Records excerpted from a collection
####

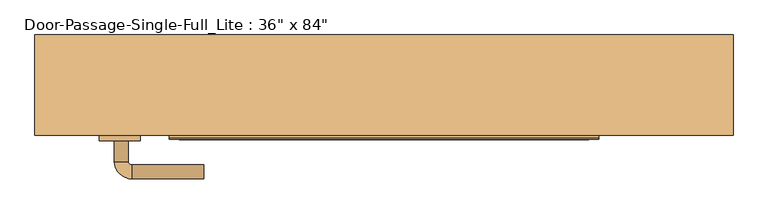
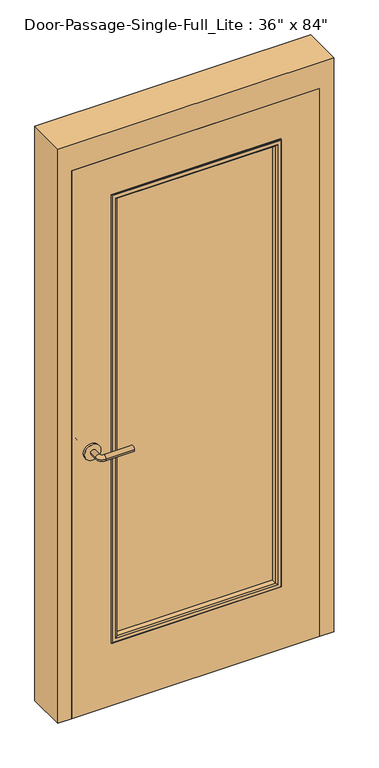
"""IFC4 building model written with IfcOpenShell, lengths in millimetres: door geometry."""

from ifc_helpers import new_model, si_unit, point, frame, frame_2d, origin, place, context, project, spatial, polyline, circle_curve, ellipse_curve, trimmed, segment, composite_curve, outline, extrude, faceted_brep, source, transform, mapped, element, save
from ifc_brep_helpers import plane_surface, cylinder_surface, revolved_surface, advanced_brep


def door_5fc50167(model_context):
    return source(origin(), model_context, "Body", "SolidModel", [
        advanced_brep(
        [(-392.190625, 9.5875, 1016.0), (-372.190625, 9.5875, 1016.0), (-392.190625, 39.5875, 1016.0), (-372.190625, 39.5875, 1016.0), (-367.190625, 44.5875, 1016.0), (-367.190625, 64.5875, 1016.0), (-262.190625, 64.5875, 1016.0), (-262.190625, 44.5875, 1016.0)],
        [
            (0, 1, circle_curve(frame((-382.190625, 9.5875, 1016.0), z_axis=(0.0, -1.0, 0.0), x_axis=(1.0, 0.0, 0.0)), 10.0)),
            (1, 0, circle_curve(frame((-382.190625, 9.5875, 1016.0), z_axis=(0.0, -1.0, 0.0), x_axis=(1.0, 0.0, 0.0)), 10.0)),
            (0, 2),
            (2, 3, circle_curve(frame((-382.190625, 39.5875, 1016.0), z_axis=(0.0, -1.0, 0.0), x_axis=(1.0, 0.0, 0.0)), 10.0)),
            (3, 1),
            (3, 2, circle_curve(frame((-382.190625, 39.5875, 1016.0), z_axis=(0.0, -1.0, 0.0), x_axis=(1.0, 0.0, 0.0)), 10.0)),
            (4, 3, circle_curve(frame((-367.190625, 39.5875, 1016.0), z_axis=(0.0, 0.0, 1.0), x_axis=(-1.0, 0.0, 0.0)), 5.0)),
            (2, 5, circle_curve(frame((-367.190625, 39.5875, 1016.0), z_axis=(0.0, 0.0, -1.0), x_axis=(-1.0, 0.0, 0.0)), 25.0)),
            (5, 4, circle_curve(frame((-367.190625, 54.5875, 1016.0), z_axis=(-1.0, 0.0, 0.0), x_axis=(0.0, -1.0, 0.0)), 10.0)),
            (4, 5, circle_curve(frame((-367.190625, 54.5875, 1016.0), z_axis=(-1.0, 0.0, 0.0), x_axis=(0.0, -1.0, 0.0)), 10.0)),
            (6, 7, circle_curve(frame((-262.190625, 54.5875, 1016.0), z_axis=(1.0, 0.0, 0.0), x_axis=(0.0, -1.0, 0.0)), 10.0)),
            (7, 6, circle_curve(frame((-262.190625, 54.5875, 1016.0), z_axis=(1.0, 0.0, 0.0), x_axis=(0.0, -1.0, 0.0)), 10.0)),
            (5, 6),
            (7, 4),
        ],
        [
            plane_surface(frame((-382.190625, 9.5875, 1016.0), z_axis=(0.0, -1.0, 0.0), x_axis=(0.0, 0.0, 1.0))),
            cylinder_surface(frame((-382.190625, 9.5875, 1016.0), z_axis=(0.0, -1.0, 0.0), x_axis=(1.0, 0.0, 0.0)), 10.0),
            revolved_surface(trimmed(ellipse_curve(frame((-382.190625, 39.5875, 1016.0), z_axis=(0.0, -1.0, 0.0), x_axis=(1.0, 0.0, 0.0)), 10.0, 10.0), [point((-392.190625, 39.5875, 1016.0))], [point((-372.190625, 39.5875, 1016.0))], True, "CARTESIAN"), (-367.190625, 39.5875, 1016.0), (0.0, 0.0, -1.0)),
            revolved_surface(trimmed(ellipse_curve(frame((-382.190625, 39.5875, 1016.0), z_axis=(0.0, -1.0, 0.0), x_axis=(1.0, 0.0, 0.0)), 10.0, 10.0), [point((-372.190625, 39.5875, 1016.0))], [point((-392.190625, 39.5875, 1016.0))], True, "CARTESIAN"), (-367.190625, 39.5875, 1016.0), (0.0, 0.0, -1.0)),
            plane_surface(frame((-262.190625, 54.5875, 1016.0), z_axis=(1.0, 0.0, 0.0), x_axis=(0.0, 0.0, 1.0))),
            cylinder_surface(frame((-367.190625, 54.5875, 1016.0), z_axis=(-1.0, 0.0, 0.0), x_axis=(0.0, -1.0, 0.0)), 10.0),
        ],
        [
            (0, [[1, 2]]),
            (1, [[-1, 3, 4, 5]]),
            (1, [[-2, -5, 6, -3]]),
            (2, [[7, -4, 8, 9]]),
            (3, [[-8, -6, -7, 10]]),
            (4, [[11, 12]]),
            (5, [[-9, 13, -12, 14]]),
            (5, [[-10, -14, -11, -13]]),
        ],
    ),
        extrude(outline(composite_curve([segment(trimmed(circle_curve(frame_2d((1016.0, -384.690625)), 30.0), [point((1016.0, -414.690625))], [point((1016.0, -354.690625))], False, "CARTESIAN"), True, "CONTINUOUS"), segment(trimmed(circle_curve(frame_2d((1016.0, -384.690625)), 30.0), [point((1016.0, -354.690625))], [point((1016.0, -414.690625))], False, "CARTESIAN"), True, "CONTINUOUS")], self_intersect=False)), frame((0.0, 1.5875, 0.0), z_axis=(0.0, 1.0, 0.0), x_axis=(0.0, 0.0, 1.0)), (0.0, 0.0, 1.0), 8.0),
        advanced_brep(
        [(-392.190625, -50.8625, 1016.0), (-372.190625, -50.8625, 1016.0), (-372.190625, -80.8625, 1016.0), (-392.190625, -80.8625, 1016.0), (-367.190625, -85.8625, 1016.0), (-367.190625, -105.8625, 1016.0), (-262.190625, -105.8625, 1016.0), (-262.190625, -85.8625, 1016.0)],
        [
            (0, 1, circle_curve(frame((-382.190625, -50.8625, 1016.0), z_axis=(0.0, 1.0, 0.0), x_axis=(1.0, 0.0, 0.0)), 10.0)),
            (1, 0, circle_curve(frame((-382.190625, -50.8625, 1016.0), z_axis=(0.0, 1.0, 0.0), x_axis=(1.0, 0.0, 0.0)), 10.0)),
            (1, 2),
            (2, 3, circle_curve(frame((-382.190625, -80.8625, 1016.0), z_axis=(0.0, 1.0, 0.0), x_axis=(1.0, 0.0, 0.0)), 10.0)),
            (3, 0),
            (3, 2, circle_curve(frame((-382.190625, -80.8625, 1016.0), z_axis=(0.0, 1.0, 0.0), x_axis=(1.0, 0.0, 0.0)), 10.0)),
            (4, 5, circle_curve(frame((-367.190625, -95.8625, 1016.0), z_axis=(-1.0, 0.0, 0.0), x_axis=(0.0, 1.0, 0.0)), 10.0)),
            (5, 3, circle_curve(frame((-367.190625, -80.8625, 1016.0), z_axis=(0.0, 0.0, -1.0), x_axis=(-1.0, 0.0, 0.0)), 25.0)),
            (2, 4, circle_curve(frame((-367.190625, -80.8625, 1016.0), z_axis=(0.0, 0.0, 1.0), x_axis=(-1.0, 0.0, 0.0)), 5.0)),
            (5, 4, circle_curve(frame((-367.190625, -95.8625, 1016.0), z_axis=(-1.0, 0.0, 0.0), x_axis=(0.0, 1.0, 0.0)), 10.0)),
            (6, 7, circle_curve(frame((-262.190625, -95.8625, 1016.0), z_axis=(1.0, 0.0, 0.0), x_axis=(0.0, 1.0, 0.0)), 10.0)),
            (7, 6, circle_curve(frame((-262.190625, -95.8625, 1016.0), z_axis=(1.0, 0.0, 0.0), x_axis=(0.0, 1.0, 0.0)), 10.0)),
            (4, 7),
            (6, 5),
        ],
        [
            plane_surface(frame((-382.190625, -50.8625, 1016.0), z_axis=(0.0, 1.0, 0.0), x_axis=(0.0, 0.0, 1.0))),
            cylinder_surface(frame((-382.190625, -50.8625, 1016.0), z_axis=(0.0, 1.0, 0.0), x_axis=(1.0, 0.0, 0.0)), 10.0),
            revolved_surface(trimmed(ellipse_curve(frame((-382.190625, -80.8625, 1016.0), z_axis=(0.0, -1.0, 0.0), x_axis=(1.0, 0.0, 0.0)), 10.0, 10.0), [point((-392.190625, -80.8625, 1016.0))], [point((-372.190625, -80.8625, 1016.0))], True, "CARTESIAN"), (-367.190625, -80.8625, 1016.0), (0.0, 0.0, -1.0)),
            revolved_surface(trimmed(ellipse_curve(frame((-382.190625, -80.8625, 1016.0), z_axis=(0.0, -1.0, 0.0), x_axis=(1.0, 0.0, 0.0)), 10.0, 10.0), [point((-372.190625, -80.8625, 1016.0))], [point((-392.190625, -80.8625, 1016.0))], True, "CARTESIAN"), (-367.190625, -80.8625, 1016.0), (0.0, 0.0, -1.0)),
            plane_surface(frame((-262.190625, -95.8625, 1016.0), z_axis=(1.0, 0.0, 0.0), x_axis=(0.0, 0.0, 1.0))),
            cylinder_surface(frame((-367.190625, -95.8625, 1016.0), z_axis=(-1.0, 0.0, 0.0), x_axis=(0.0, 1.0, 0.0)), 10.0),
        ],
        [
            (0, [[1, 2]]),
            (1, [[3, 4, 5, -2]]),
            (1, [[-5, 6, -3, -1]]),
            (2, [[7, 8, -4, 9]]),
            (3, [[10, -9, -6, -8]]),
            (4, [[11, 12]]),
            (5, [[13, -11, 14, -7]]),
            (5, [[-14, -12, -13, -10]]),
        ],
    ),
        extrude(outline(composite_curve([segment(trimmed(circle_curve(frame_2d((1016.0, -384.690625)), 30.0), [point((1016.0, -414.690625))], [point((1016.0, -354.690625))], False, "CARTESIAN"), True, "CONTINUOUS"), segment(trimmed(circle_curve(frame_2d((1016.0, -384.690625)), 30.0), [point((1016.0, -354.690625))], [point((1016.0, -414.690625))], False, "CARTESIAN"), True, "CONTINUOUS")], self_intersect=False)), frame((0.0, -50.8625, 0.0), z_axis=(0.0, 1.0, 0.0), x_axis=(0.0, 0.0, 1.0)), (0.0, 0.0, 1.0), 8.0),
        extrude(outline(polyline([(304.8, -17.4625), (304.8, -23.8125), (-304.8, -23.8125), (-304.8, -17.4625), (304.8, -17.4625)])), frame((0.0, 0.0, 254.0), z_axis=(0.0, 0.0, 1.0), x_axis=(1.0, 0.0, 0.0)), (0.0, 0.0, 1.0), 1727.2),
        faceted_brep([(457.2, 6.35, 0.0), (441.325, 6.35, 0.0), (441.325, 53.975, 0.0), (457.2, 53.975, 0.0), (457.2, 103.1875, 0.0), (508.0, 103.1875, 0.0), (508.0, -42.8625, 0.0), (457.2, -42.8625, 0.0), (457.2, -42.8625, 2133.6), (457.2, 6.35, 2133.6), (508.0, -42.8625, 2235.2), (-508.0, -42.8625, 2235.2), (-508.0, -42.8625, 0.0), (-457.2, -42.8625, 0.0), (-457.2, -42.8625, 2133.6), (508.0, 103.1875, 2235.2), (457.2, 103.1875, 2133.6), (-457.2, 103.1875, 2133.6), (-457.2, 103.1875, 0.0), (-508.0, 103.1875, 0.0), (-508.0, 103.1875, 2235.2), (457.2, 53.975, 2133.6), (441.325, 53.975, 2117.725), (-441.325, 53.975, 2117.725), (-441.325, 53.975, 0.0), (-457.2, 53.975, 0.0), (-457.2, 53.975, 2133.6), (441.325, 6.35, 2117.725), (-457.2, 6.35, 2133.6), (-457.2, 6.35, 0.0), (-441.325, 6.35, 0.0), (-441.325, 6.35, 2117.725)], [[[0, 1, 2, 3, 4, 5, 6, 7]], [[7, 8, 9, 0]], [[6, 10, 11, 12, 13, 14, 8, 7]], [[5, 15, 10, 6]], [[4, 16, 17, 18, 19, 20, 15, 5]], [[3, 21, 16, 4]], [[2, 22, 23, 24, 25, 26, 21, 3]], [[1, 27, 22, 2]], [[0, 9, 28, 29, 30, 31, 27, 1]], [[8, 14, 28, 9]], [[16, 21, 26, 17]], [[22, 27, 31, 23]], [[12, 19, 18, 25, 24, 30, 29, 13]], [[13, 29, 28, 14]], [[11, 20, 19, 12]], [[17, 26, 25, 18]], [[23, 31, 30, 24]], [[15, 20, 11, 10]]]),
        extrude(outline(polyline([(2133.6, -457.2), (0.0, -457.2), (0.0, 457.2), (2133.6, 457.2), (2133.6, -457.2)]), holes=[polyline([(1981.2, -304.8), (1981.2, 304.8), (254.0, 304.8), (254.0, -304.8), (1981.2, -304.8)])]), frame((0.0, -42.8625, 0.0), z_axis=(0.0, 1.0, 0.0), x_axis=(0.0, 0.0, 1.0)), (0.0, 0.0, 1.0), 44.45),
        advanced_brep(
        [(-304.8, -23.8125, 1981.2), (-304.8, -23.8125, 254.0), (-304.8, -42.8625, 254.0), (-304.8, -42.8625, 1981.2), (-292.8, -43.8625, 1969.2), (-292.8, -43.8625, 266.0), (-292.8, -23.8125, 266.0), (-292.8, -23.8125, 1969.2), (-297.8, -48.8625, 1974.2), (-297.8, -48.8625, 261.0), (-312.8, -46.8625, 1989.2), (-312.8, -46.8625, 246.0), (-310.8, -48.8625, 248.0), (-310.8, -48.8625, 1987.2), (-312.8, -42.8625, 1989.2), (-312.8, -42.8625, 246.0), (304.8, -23.8125, 254.0), (304.8, -42.8625, 254.0), (292.8, -43.8625, 266.0), (292.8, -23.8125, 266.0), (297.8, -48.8625, 261.0), (312.8, -46.8625, 246.0), (310.8, -48.8625, 248.0), (312.8, -42.8625, 246.0), (304.8, -23.8125, 1981.2), (304.8, -42.8625, 1981.2), (292.8, -43.8625, 1969.2), (292.8, -23.8125, 1969.2), (297.8, -48.8625, 1974.2), (312.8, -46.8625, 1989.2), (310.8, -48.8625, 1987.2), (312.8, -42.8625, 1989.2)],
        [
            (0, 1),
            (1, 2),
            (2, 3),
            (3, 0),
            (4, 5),
            (5, 6),
            (6, 7),
            (7, 4),
            (8, 9),
            (9, 5, ellipse_curve(frame((-297.8, -43.8625, 261.0), z_axis=(-0.7071067811865475, 0.0, 0.7071067811865475), x_axis=(0.7071067811865474, 0.0, 0.7071067811865476)), 7.0710678, 5.0)),
            (4, 8, ellipse_curve(frame((-297.8, -43.8625, 1974.2), z_axis=(-0.7071067811865475, 0.0, -0.7071067811865475), x_axis=(-0.7071067811865474, 0.0, 0.7071067811865476)), 7.0710678, 5.0)),
            (10, 11),
            (11, 12, ellipse_curve(frame((-310.8, -46.8625, 248.0), z_axis=(-0.7071067811865475, 0.0, 0.7071067811865475), x_axis=(0.7071067811865474, 0.0, 0.7071067811865476)), 2.8284271, 2.0)),
            (12, 13),
            (13, 10, ellipse_curve(frame((-310.8, -46.8625, 1987.2), z_axis=(-0.7071067811865475, 0.0, -0.7071067811865475), x_axis=(-0.7071067811865474, 0.0, 0.7071067811865476)), 2.8284271, 2.0)),
            (14, 15),
            (15, 11),
            (10, 14),
            (1, 16),
            (16, 17),
            (17, 2),
            (5, 18),
            (18, 19),
            (19, 6),
            (9, 20),
            (20, 18, ellipse_curve(frame((297.8, -43.8625, 261.0), z_axis=(-0.7071067811865475, 0.0, -0.7071067811865475), x_axis=(-0.7071067811865476, 0.0, 0.7071067811865474)), 7.0710678, 5.0)),
            (11, 21),
            (21, 22, ellipse_curve(frame((310.8, -46.8625, 248.0), z_axis=(-0.7071067811865475, 0.0, -0.7071067811865475), x_axis=(-0.7071067811865476, 0.0, 0.7071067811865474)), 2.8284271, 2.0)),
            (22, 12),
            (15, 23),
            (23, 21),
            (16, 24),
            (24, 25),
            (25, 17),
            (18, 26),
            (26, 27),
            (27, 19),
            (20, 28),
            (28, 26, ellipse_curve(frame((297.8, -43.8625, 1974.2), z_axis=(0.7071067811865475, 0.0, -0.7071067811865475), x_axis=(-0.7071067811865474, 0.0, -0.7071067811865476)), 7.0710678, 5.0)),
            (21, 29),
            (29, 30, ellipse_curve(frame((310.8, -46.8625, 1987.2), z_axis=(0.7071067811865475, 0.0, -0.7071067811865475), x_axis=(-0.7071067811865474, 0.0, -0.7071067811865476)), 2.8284271, 2.0)),
            (30, 22),
            (23, 31),
            (31, 29),
            (14, 31),
            (25, 3),
            (24, 0),
            (27, 7),
            (26, 4),
            (28, 8),
            (30, 13),
            (29, 10),
        ],
        [
            plane_surface(frame((-304.8, -42.8625, 1981.2), z_axis=(-1.0, 0.0, 0.0), x_axis=(0.0, 0.0, -1.0))),
            plane_surface(frame((-292.8, -23.8125, 1969.2), z_axis=(1.0, 0.0, 0.0), x_axis=(0.0, 0.0, -1.0))),
            cylinder_surface(frame((-297.8, -43.8625, 1981.2), z_axis=(0.0, 0.0, 1.0), x_axis=(-1.0, 0.0, 0.0)), 5.0),
            cylinder_surface(frame((-310.8, -46.8625, 1981.2), z_axis=(0.0, 0.0, 1.0), x_axis=(-1.0, 0.0, 0.0)), 2.0),
            plane_surface(frame((-312.8, -46.8625, 1989.2), z_axis=(-1.0, 0.0, 0.0), x_axis=(0.0, 0.0, -1.0))),
            plane_surface(frame((-304.8, -42.8625, 254.0), z_axis=(0.0, 0.0, -1.0), x_axis=(1.0, 0.0, 0.0))),
            plane_surface(frame((-292.8, -23.8125, 266.0), z_axis=(0.0, 0.0, 1.0), x_axis=(1.0, 0.0, 0.0))),
            cylinder_surface(frame((-304.8, -43.8625, 261.0), z_axis=(-1.0, 0.0, 0.0), x_axis=(0.0, 0.0, -1.0)), 5.0),
            cylinder_surface(frame((-304.8, -46.8625, 248.0), z_axis=(-1.0, 0.0, 0.0), x_axis=(0.0, 0.0, -1.0)), 2.0),
            plane_surface(frame((-312.8, -46.8625, 246.0), z_axis=(0.0, 0.0, -1.0), x_axis=(1.0, 0.0, 0.0))),
            plane_surface(frame((304.8, -42.8625, 254.0), z_axis=(1.0, 0.0, 0.0), x_axis=(0.0, 0.0, 1.0))),
            plane_surface(frame((292.8, -23.8125, 266.0), z_axis=(-1.0, 0.0, 0.0), x_axis=(0.0, 0.0, 1.0))),
            cylinder_surface(frame((297.8, -43.8625, 254.0), z_axis=(0.0, 0.0, -1.0), x_axis=(1.0, 0.0, 0.0)), 5.0),
            cylinder_surface(frame((310.8, -46.8625, 254.0), z_axis=(0.0, 0.0, -1.0), x_axis=(1.0, 0.0, 0.0)), 2.0),
            plane_surface(frame((312.8, -46.8625, 246.0), z_axis=(1.0, 0.0, 0.0), x_axis=(0.0, 0.0, 1.0))),
            plane_surface(frame((312.8, -42.8625, 1989.2), z_axis=(0.0, 1.0, 0.0), x_axis=(-1.0, 0.0, 0.0))),
            plane_surface(frame((304.8, -42.8625, 1981.2), z_axis=(0.0, 0.0, 1.0), x_axis=(-1.0, 0.0, 0.0))),
            plane_surface(frame((304.8, -23.8125, 1981.2), z_axis=(0.0, 1.0, 0.0), x_axis=(-1.0, 0.0, 0.0))),
            plane_surface(frame((292.8, -23.8125, 1969.2), z_axis=(0.0, 0.0, -1.0), x_axis=(-1.0, 0.0, 0.0))),
            cylinder_surface(frame((304.8, -43.8625, 1974.2), z_axis=(1.0, 0.0, 0.0), x_axis=(0.0, 0.0, 1.0)), 5.0),
            plane_surface(frame((297.8, -48.8625, 1974.2), z_axis=(0.0, -1.0, 0.0), x_axis=(-1.0, 0.0, 0.0))),
            cylinder_surface(frame((304.8, -46.8625, 1987.2), z_axis=(1.0, 0.0, 0.0), x_axis=(0.0, 0.0, 1.0)), 2.0),
            plane_surface(frame((312.8, -46.8625, 1989.2), z_axis=(0.0, 0.0, 1.0), x_axis=(-1.0, 0.0, 0.0))),
        ],
        [
            (0, [[1, 2, 3, 4]]),
            (1, [[5, 6, 7, 8]]),
            (2, [[9, 10, -5, 11]]),
            (3, [[12, 13, 14, 15]]),
            (4, [[16, 17, -12, 18]]),
            (5, [[19, 20, 21, -2]]),
            (6, [[22, 23, 24, -6]]),
            (7, [[25, 26, -22, -10]]),
            (8, [[27, 28, 29, -13]]),
            (9, [[30, 31, -27, -17]]),
            (10, [[32, 33, 34, -20]]),
            (11, [[35, 36, 37, -23]]),
            (12, [[38, 39, -35, -26]]),
            (13, [[40, 41, 42, -28]]),
            (14, [[43, 44, -40, -31]]),
            (15, [[-16, 45, -43, -30], [-3, -21, -34, 46]]),
            (16, [[47, -4, -46, -33]]),
            (17, [[-1, -47, -32, -19], [-7, -24, -37, 48]]),
            (18, [[49, -8, -48, -36]]),
            (19, [[50, -11, -49, -39]]),
            (20, [[-14, -29, -42, 51], [-9, -50, -38, -25]]),
            (21, [[52, -15, -51, -41]]),
            (22, [[-45, -18, -52, -44]]),
        ],
    ),
        advanced_brep(
        [(-304.8, -17.4625, 254.0), (-304.8, -17.4625, 1981.2), (-304.8, 1.5875, 1981.2), (-304.8, 1.5875, 254.0), (-292.8, 2.5875, 266.0), (-292.8, 2.5875, 1969.2), (-292.8, -17.4625, 1969.2), (-292.8, -17.4625, 266.0), (-297.8, 7.5875, 261.0), (-297.8, 7.5875, 1974.2), (-312.8, 5.5875, 246.0), (-312.8, 5.5875, 1989.2), (-310.8, 7.5875, 1987.2), (-310.8, 7.5875, 248.0), (-312.8, 1.5875, 246.0), (-312.8, 1.5875, 1989.2), (304.8, -17.4625, 1981.2), (304.8, 1.5875, 1981.2), (292.8, 2.5875, 1969.2), (292.8, -17.4625, 1969.2), (297.8, 7.5875, 1974.2), (312.8, 5.5875, 1989.2), (310.8, 7.5875, 1987.2), (312.8, 1.5875, 1989.2), (304.8, -17.4625, 254.0), (304.8, 1.5875, 254.0), (292.8, 2.5875, 266.0), (292.8, -17.4625, 266.0), (297.8, 7.5875, 261.0), (312.8, 5.5875, 246.0), (310.8, 7.5875, 248.0), (312.8, 1.5875, 246.0)],
        [
            (0, 1),
            (1, 2),
            (2, 3),
            (3, 0),
            (4, 5),
            (5, 6),
            (6, 7),
            (7, 4),
            (8, 9),
            (9, 5, ellipse_curve(frame((-297.8, 2.5875, 1974.2), z_axis=(-0.7071067811865475, 0.0, -0.7071067811865475), x_axis=(0.7071067811865474, 0.0, -0.7071067811865476)), 7.0710678, 5.0)),
            (4, 8, ellipse_curve(frame((-297.8, 2.5875, 261.0), z_axis=(-0.7071067811865475, 0.0, 0.7071067811865475), x_axis=(-0.7071067811865474, 0.0, -0.7071067811865476)), 7.0710678, 5.0)),
            (10, 11),
            (11, 12, ellipse_curve(frame((-310.8, 5.5875, 1987.2), z_axis=(-0.7071067811865475, 0.0, -0.7071067811865475), x_axis=(0.7071067811865474, 0.0, -0.7071067811865476)), 2.8284271, 2.0)),
            (12, 13),
            (13, 10, ellipse_curve(frame((-310.8, 5.5875, 248.0), z_axis=(-0.7071067811865475, 0.0, 0.7071067811865475), x_axis=(-0.7071067811865474, 0.0, -0.7071067811865476)), 2.8284271, 2.0)),
            (14, 15),
            (15, 11),
            (10, 14),
            (1, 16),
            (16, 17),
            (17, 2),
            (5, 18),
            (18, 19),
            (19, 6),
            (9, 20),
            (20, 18, ellipse_curve(frame((297.8, 2.5875, 1974.2), z_axis=(-0.7071067811865475, 0.0, 0.7071067811865475), x_axis=(-0.7071067811865476, 0.0, -0.7071067811865474)), 7.0710678, 5.0)),
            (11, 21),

####

§ **Task statement**:
Answer with the number alone after working out how many lines in the records contain the string "polyline".

§ **Exercise response**:
3